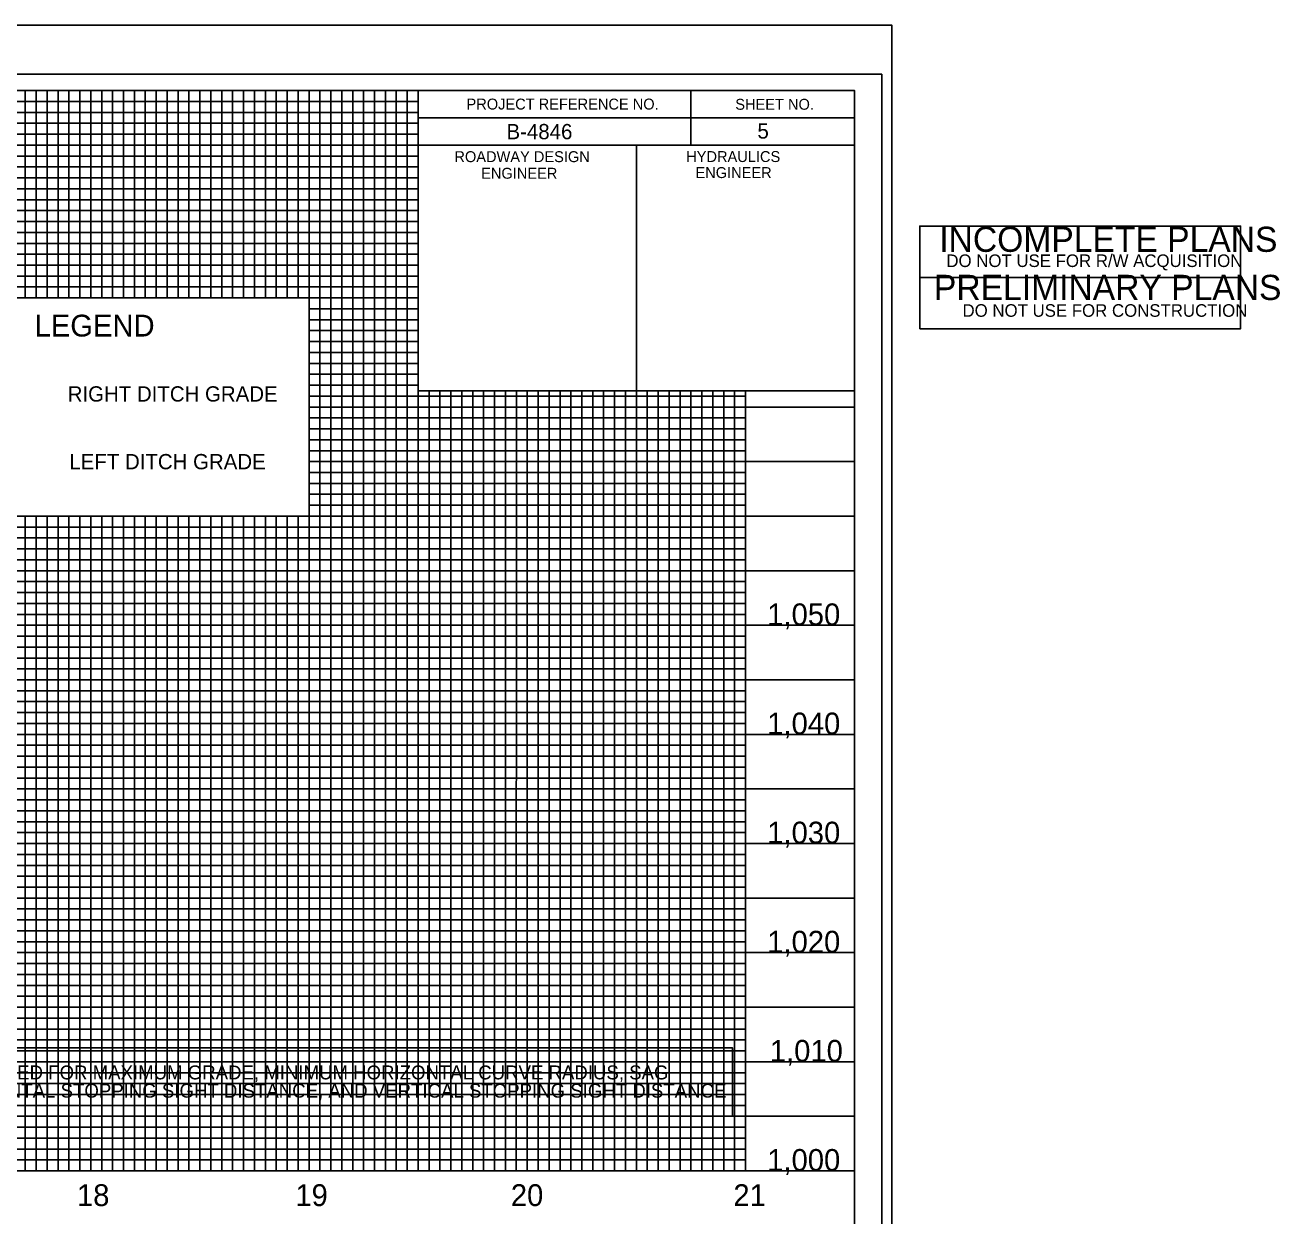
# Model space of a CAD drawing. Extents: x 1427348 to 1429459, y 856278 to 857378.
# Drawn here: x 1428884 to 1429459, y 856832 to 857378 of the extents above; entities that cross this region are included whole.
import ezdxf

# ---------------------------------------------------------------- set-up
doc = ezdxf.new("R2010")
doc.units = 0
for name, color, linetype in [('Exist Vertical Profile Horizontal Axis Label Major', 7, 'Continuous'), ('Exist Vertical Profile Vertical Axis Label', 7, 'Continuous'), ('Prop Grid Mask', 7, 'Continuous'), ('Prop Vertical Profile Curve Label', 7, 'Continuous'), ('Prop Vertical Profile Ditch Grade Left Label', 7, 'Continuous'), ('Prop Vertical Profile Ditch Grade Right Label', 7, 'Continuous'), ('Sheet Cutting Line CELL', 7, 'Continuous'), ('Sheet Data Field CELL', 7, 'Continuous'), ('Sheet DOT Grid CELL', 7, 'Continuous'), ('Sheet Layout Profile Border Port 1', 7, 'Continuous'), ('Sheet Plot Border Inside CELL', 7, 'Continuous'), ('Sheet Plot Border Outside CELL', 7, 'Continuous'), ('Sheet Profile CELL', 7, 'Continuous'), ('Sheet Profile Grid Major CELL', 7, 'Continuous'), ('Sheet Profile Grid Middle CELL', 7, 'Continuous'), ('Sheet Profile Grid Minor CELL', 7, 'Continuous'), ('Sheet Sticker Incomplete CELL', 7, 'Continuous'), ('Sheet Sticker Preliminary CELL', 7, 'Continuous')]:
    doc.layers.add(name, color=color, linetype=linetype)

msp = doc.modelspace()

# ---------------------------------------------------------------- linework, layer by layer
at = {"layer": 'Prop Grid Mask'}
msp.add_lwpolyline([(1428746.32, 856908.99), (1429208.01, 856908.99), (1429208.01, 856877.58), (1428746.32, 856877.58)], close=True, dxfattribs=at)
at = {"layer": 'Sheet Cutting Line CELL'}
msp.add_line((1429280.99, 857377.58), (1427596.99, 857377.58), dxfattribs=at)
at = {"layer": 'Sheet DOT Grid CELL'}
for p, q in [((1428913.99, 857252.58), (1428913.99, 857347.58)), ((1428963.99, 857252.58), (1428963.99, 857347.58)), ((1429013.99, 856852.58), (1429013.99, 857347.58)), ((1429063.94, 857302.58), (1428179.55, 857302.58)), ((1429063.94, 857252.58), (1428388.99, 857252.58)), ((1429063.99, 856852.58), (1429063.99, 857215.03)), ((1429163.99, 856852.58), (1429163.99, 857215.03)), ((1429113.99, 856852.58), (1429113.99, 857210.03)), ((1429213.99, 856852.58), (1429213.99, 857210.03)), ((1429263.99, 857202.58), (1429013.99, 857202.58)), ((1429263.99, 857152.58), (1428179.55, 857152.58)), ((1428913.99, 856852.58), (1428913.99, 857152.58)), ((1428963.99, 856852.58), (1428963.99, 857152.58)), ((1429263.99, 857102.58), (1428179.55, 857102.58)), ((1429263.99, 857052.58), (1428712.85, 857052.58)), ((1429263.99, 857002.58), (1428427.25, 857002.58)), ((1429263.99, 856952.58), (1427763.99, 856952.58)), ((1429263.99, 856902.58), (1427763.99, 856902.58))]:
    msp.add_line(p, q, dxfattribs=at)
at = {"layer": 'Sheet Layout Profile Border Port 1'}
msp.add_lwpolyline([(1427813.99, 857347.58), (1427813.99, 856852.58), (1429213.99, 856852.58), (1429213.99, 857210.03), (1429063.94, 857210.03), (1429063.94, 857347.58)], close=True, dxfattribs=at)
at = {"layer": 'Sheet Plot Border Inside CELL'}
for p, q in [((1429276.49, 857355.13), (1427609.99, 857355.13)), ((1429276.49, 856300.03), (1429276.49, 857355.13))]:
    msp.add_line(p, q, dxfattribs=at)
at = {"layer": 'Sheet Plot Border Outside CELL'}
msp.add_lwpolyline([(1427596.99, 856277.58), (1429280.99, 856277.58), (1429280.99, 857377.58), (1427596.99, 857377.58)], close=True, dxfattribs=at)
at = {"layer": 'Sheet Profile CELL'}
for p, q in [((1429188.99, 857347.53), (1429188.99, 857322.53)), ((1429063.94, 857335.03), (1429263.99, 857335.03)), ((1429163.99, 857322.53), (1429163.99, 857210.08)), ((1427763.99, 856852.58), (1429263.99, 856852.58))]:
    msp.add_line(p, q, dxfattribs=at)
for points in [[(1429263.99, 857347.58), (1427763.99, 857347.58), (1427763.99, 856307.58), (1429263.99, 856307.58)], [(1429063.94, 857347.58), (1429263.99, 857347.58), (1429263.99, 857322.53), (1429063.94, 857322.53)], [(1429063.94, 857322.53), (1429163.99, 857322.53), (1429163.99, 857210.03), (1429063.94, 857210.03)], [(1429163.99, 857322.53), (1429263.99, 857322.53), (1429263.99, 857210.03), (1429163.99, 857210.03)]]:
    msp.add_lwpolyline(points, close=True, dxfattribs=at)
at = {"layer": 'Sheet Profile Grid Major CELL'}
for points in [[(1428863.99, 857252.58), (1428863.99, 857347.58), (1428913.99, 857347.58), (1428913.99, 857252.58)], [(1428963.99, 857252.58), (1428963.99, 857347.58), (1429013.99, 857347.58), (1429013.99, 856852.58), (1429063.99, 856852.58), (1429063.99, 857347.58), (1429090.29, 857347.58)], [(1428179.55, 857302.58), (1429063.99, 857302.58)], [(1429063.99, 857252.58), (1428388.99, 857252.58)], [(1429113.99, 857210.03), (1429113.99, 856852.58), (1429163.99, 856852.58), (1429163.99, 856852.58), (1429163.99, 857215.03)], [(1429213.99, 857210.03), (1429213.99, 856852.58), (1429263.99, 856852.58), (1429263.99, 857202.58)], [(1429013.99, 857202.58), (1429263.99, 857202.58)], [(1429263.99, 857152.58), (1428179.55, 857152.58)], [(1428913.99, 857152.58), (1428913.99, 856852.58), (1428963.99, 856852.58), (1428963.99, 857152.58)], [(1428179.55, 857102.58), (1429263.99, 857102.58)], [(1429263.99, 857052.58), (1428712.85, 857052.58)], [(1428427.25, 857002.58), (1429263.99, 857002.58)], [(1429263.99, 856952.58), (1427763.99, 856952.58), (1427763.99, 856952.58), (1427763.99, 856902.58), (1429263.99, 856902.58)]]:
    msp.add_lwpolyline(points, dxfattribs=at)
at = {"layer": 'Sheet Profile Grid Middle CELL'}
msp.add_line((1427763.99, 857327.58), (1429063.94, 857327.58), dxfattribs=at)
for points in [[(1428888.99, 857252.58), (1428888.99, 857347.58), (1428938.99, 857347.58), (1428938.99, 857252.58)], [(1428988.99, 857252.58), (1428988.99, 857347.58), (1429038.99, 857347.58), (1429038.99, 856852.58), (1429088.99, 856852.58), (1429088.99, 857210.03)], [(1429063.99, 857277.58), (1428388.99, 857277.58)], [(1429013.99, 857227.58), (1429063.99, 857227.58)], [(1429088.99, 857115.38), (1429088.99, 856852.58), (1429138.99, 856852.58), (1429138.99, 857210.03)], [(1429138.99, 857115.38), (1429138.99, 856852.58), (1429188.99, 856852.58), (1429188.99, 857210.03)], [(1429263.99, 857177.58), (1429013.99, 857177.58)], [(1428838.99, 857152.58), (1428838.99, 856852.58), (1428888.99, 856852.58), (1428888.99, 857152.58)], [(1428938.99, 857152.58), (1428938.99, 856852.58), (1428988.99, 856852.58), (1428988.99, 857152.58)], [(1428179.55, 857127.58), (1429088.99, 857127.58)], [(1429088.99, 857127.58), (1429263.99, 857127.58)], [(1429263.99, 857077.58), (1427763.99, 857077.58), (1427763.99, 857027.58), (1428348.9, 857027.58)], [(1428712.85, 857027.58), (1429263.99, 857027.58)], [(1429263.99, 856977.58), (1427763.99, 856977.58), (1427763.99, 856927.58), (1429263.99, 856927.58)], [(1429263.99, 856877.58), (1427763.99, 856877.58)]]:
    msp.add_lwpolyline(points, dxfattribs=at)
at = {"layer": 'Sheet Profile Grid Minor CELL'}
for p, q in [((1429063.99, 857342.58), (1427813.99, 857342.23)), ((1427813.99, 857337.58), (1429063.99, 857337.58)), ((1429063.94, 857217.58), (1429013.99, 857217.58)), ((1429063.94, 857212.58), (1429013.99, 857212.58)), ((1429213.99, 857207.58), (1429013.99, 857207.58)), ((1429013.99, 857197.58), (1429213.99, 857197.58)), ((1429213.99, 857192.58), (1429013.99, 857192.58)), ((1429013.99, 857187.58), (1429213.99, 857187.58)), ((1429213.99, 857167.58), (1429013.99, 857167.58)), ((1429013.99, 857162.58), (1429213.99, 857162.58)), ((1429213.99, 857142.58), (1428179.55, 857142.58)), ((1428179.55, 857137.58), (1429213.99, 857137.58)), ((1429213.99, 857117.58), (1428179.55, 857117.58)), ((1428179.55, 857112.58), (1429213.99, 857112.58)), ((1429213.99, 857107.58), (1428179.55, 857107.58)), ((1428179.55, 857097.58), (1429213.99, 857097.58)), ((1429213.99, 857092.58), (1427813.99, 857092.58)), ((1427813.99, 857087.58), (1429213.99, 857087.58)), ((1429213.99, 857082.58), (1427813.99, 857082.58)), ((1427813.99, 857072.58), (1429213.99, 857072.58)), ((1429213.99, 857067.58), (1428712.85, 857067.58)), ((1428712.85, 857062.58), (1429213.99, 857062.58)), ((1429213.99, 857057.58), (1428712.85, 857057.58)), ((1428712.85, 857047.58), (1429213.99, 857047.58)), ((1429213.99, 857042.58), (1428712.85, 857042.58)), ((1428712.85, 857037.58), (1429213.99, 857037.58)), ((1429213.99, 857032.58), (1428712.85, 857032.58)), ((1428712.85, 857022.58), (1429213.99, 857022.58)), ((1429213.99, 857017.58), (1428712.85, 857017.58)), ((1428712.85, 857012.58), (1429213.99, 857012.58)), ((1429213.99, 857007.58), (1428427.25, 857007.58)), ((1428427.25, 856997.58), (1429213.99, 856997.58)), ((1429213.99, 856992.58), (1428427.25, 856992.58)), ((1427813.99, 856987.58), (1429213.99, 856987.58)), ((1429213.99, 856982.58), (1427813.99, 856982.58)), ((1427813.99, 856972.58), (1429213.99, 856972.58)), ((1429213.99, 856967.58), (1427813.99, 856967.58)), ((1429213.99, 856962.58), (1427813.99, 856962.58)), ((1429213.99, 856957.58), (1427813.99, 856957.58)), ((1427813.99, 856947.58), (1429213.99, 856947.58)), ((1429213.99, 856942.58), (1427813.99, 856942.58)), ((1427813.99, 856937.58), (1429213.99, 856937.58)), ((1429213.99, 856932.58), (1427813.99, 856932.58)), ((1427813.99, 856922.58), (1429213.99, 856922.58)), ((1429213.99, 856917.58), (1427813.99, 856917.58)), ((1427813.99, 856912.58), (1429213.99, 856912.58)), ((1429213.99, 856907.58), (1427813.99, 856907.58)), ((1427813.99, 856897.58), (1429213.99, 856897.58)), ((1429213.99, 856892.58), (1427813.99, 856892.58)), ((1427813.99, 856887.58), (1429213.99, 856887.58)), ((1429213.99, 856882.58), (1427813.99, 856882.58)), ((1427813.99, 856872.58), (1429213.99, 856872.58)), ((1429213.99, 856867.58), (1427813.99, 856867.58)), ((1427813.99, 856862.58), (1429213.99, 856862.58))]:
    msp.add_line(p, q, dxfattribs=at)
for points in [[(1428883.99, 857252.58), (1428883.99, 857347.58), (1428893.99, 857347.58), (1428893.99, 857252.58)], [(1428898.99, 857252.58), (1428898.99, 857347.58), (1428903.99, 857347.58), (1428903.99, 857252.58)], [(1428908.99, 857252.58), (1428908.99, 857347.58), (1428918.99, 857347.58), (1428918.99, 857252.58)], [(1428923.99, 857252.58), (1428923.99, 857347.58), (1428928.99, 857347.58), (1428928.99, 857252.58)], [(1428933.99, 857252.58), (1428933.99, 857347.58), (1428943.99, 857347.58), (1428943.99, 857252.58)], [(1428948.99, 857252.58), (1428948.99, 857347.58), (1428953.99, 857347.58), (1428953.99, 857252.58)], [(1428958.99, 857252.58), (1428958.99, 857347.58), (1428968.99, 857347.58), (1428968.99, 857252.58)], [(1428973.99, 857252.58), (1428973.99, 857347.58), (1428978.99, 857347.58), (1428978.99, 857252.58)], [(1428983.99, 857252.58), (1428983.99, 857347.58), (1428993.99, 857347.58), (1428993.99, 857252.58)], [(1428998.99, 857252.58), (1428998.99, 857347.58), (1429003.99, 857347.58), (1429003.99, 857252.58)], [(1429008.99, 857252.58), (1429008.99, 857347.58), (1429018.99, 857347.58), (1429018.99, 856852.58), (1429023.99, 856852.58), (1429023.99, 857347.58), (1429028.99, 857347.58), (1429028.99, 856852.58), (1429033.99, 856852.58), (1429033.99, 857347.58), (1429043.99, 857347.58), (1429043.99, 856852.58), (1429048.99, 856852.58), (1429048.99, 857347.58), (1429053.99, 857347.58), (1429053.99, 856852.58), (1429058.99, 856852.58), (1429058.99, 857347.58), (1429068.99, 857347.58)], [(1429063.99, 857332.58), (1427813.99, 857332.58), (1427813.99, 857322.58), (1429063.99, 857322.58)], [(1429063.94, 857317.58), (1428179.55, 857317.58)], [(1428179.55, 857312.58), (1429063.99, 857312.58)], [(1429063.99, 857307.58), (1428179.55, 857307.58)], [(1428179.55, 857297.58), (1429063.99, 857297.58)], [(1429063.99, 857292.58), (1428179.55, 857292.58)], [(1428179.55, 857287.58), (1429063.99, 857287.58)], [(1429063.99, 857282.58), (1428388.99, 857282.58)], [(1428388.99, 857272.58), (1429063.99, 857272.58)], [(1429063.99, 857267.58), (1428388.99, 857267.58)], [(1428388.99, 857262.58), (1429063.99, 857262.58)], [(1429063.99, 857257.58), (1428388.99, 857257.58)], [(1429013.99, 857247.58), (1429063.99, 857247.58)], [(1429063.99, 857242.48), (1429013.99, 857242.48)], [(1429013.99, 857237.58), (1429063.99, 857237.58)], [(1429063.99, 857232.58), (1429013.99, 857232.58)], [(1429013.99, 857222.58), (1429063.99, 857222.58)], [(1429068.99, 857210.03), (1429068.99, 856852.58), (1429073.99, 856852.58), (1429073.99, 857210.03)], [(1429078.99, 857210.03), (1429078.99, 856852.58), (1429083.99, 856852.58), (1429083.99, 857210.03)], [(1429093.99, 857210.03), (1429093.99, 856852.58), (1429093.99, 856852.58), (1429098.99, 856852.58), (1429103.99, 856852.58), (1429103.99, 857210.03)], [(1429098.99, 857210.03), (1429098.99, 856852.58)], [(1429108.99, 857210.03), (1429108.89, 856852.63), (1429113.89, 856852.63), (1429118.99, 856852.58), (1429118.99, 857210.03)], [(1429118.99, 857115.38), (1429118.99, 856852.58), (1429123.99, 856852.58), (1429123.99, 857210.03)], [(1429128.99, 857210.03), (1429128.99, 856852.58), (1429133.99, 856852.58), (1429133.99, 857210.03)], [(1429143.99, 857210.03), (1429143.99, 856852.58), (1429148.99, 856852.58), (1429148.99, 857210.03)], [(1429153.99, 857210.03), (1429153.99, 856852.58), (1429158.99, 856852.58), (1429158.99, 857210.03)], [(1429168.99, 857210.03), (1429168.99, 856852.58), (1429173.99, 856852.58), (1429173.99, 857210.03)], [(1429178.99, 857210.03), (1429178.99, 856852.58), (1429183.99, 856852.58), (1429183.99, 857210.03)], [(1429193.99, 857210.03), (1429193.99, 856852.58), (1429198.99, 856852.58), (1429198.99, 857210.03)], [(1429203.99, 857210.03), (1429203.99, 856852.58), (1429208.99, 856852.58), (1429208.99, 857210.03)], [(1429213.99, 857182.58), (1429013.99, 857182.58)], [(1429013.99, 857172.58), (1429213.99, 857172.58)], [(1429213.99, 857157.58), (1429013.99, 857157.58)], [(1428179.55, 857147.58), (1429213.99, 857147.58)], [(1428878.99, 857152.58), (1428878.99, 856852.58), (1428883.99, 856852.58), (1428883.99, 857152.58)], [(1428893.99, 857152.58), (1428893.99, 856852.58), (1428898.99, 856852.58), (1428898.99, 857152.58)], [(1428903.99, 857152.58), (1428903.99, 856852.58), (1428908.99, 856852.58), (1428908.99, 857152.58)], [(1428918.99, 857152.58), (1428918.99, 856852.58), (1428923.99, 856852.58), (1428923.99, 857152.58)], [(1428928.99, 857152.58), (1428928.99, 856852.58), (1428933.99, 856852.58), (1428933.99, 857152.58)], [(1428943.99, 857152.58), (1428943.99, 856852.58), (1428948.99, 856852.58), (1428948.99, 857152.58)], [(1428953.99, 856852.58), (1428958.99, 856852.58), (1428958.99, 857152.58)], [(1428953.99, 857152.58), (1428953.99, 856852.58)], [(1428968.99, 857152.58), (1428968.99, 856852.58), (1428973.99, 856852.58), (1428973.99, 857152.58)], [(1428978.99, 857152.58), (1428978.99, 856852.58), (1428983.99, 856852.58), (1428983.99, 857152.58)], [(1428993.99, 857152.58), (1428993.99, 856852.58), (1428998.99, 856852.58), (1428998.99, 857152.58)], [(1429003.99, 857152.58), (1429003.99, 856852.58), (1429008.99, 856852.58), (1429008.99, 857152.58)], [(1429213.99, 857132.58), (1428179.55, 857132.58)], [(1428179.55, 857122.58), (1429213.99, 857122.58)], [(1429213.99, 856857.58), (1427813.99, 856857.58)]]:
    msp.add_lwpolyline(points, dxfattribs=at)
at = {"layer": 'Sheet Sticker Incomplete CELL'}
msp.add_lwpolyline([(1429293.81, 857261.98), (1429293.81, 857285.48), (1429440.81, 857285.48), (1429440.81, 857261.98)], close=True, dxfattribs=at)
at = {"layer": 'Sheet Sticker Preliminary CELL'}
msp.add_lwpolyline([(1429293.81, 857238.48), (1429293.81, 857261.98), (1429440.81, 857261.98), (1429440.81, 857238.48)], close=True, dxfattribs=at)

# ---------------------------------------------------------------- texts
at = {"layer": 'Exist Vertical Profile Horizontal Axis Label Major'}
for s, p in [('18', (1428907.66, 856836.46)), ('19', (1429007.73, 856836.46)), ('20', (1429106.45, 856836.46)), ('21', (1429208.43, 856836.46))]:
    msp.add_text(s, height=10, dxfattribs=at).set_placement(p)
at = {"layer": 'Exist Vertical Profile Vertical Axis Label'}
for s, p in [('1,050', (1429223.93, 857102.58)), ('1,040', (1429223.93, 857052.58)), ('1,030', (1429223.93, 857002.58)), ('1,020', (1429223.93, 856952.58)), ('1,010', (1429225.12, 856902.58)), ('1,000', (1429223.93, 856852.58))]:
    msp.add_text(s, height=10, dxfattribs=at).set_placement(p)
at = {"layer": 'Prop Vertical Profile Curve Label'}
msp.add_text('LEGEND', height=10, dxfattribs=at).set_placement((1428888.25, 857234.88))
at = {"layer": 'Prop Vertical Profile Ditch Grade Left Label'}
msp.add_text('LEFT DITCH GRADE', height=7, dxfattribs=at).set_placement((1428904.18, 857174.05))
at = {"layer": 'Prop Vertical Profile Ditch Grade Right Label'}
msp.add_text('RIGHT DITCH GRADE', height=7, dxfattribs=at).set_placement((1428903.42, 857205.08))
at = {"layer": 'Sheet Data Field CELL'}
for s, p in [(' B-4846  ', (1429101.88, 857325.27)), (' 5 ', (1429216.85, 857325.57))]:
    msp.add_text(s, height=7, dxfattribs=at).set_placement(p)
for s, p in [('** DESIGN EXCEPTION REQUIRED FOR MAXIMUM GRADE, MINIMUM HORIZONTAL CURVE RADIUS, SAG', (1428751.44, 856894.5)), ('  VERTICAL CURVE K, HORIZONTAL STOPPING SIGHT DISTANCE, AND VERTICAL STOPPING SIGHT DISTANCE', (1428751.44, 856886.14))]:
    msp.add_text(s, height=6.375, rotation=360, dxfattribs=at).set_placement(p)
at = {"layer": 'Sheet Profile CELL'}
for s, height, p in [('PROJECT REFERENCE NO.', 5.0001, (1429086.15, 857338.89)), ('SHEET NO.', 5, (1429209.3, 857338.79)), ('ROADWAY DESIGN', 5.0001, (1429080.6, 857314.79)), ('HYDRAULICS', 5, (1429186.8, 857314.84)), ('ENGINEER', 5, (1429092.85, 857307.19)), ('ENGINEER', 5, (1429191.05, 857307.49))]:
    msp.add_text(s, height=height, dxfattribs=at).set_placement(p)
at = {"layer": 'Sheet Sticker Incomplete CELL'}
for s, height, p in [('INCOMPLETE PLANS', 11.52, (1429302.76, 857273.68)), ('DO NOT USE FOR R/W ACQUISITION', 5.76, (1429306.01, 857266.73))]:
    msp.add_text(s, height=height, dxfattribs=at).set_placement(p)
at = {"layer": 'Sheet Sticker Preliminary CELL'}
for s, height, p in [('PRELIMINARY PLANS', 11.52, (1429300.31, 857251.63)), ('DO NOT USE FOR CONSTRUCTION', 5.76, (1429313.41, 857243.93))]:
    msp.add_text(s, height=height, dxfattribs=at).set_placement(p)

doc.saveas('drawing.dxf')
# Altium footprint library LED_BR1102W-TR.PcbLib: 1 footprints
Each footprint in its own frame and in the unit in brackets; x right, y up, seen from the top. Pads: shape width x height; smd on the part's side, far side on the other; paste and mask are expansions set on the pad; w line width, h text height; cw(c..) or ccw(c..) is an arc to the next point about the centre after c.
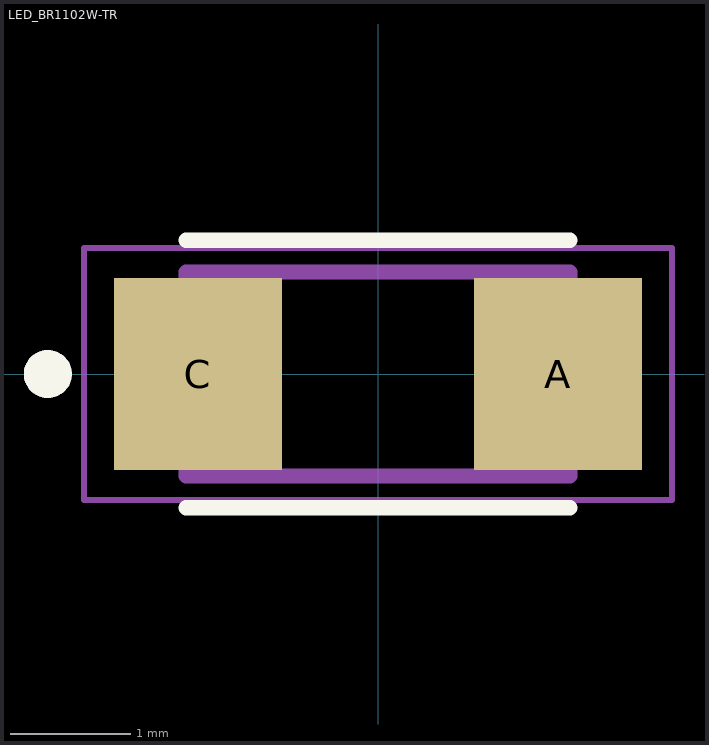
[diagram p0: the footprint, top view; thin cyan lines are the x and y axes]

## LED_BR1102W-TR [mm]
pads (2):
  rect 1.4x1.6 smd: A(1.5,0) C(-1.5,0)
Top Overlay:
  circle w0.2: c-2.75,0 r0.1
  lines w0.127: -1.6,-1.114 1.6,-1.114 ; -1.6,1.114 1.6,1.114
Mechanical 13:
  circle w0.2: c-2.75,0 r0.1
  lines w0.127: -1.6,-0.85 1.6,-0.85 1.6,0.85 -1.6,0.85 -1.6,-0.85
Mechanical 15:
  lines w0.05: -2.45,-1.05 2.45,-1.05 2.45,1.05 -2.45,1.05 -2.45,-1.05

+--

• GOAL OF THE EXERCISE:
Each line in the listing above that includes "drawing" is to be copied.

• SOLUTION FOR THIS EXERCISE:
# Model space of a CAD drawing. Extents: x 1427348 to 1429459, y 856278 to 857378.
doc.saveas('drawing.dxf')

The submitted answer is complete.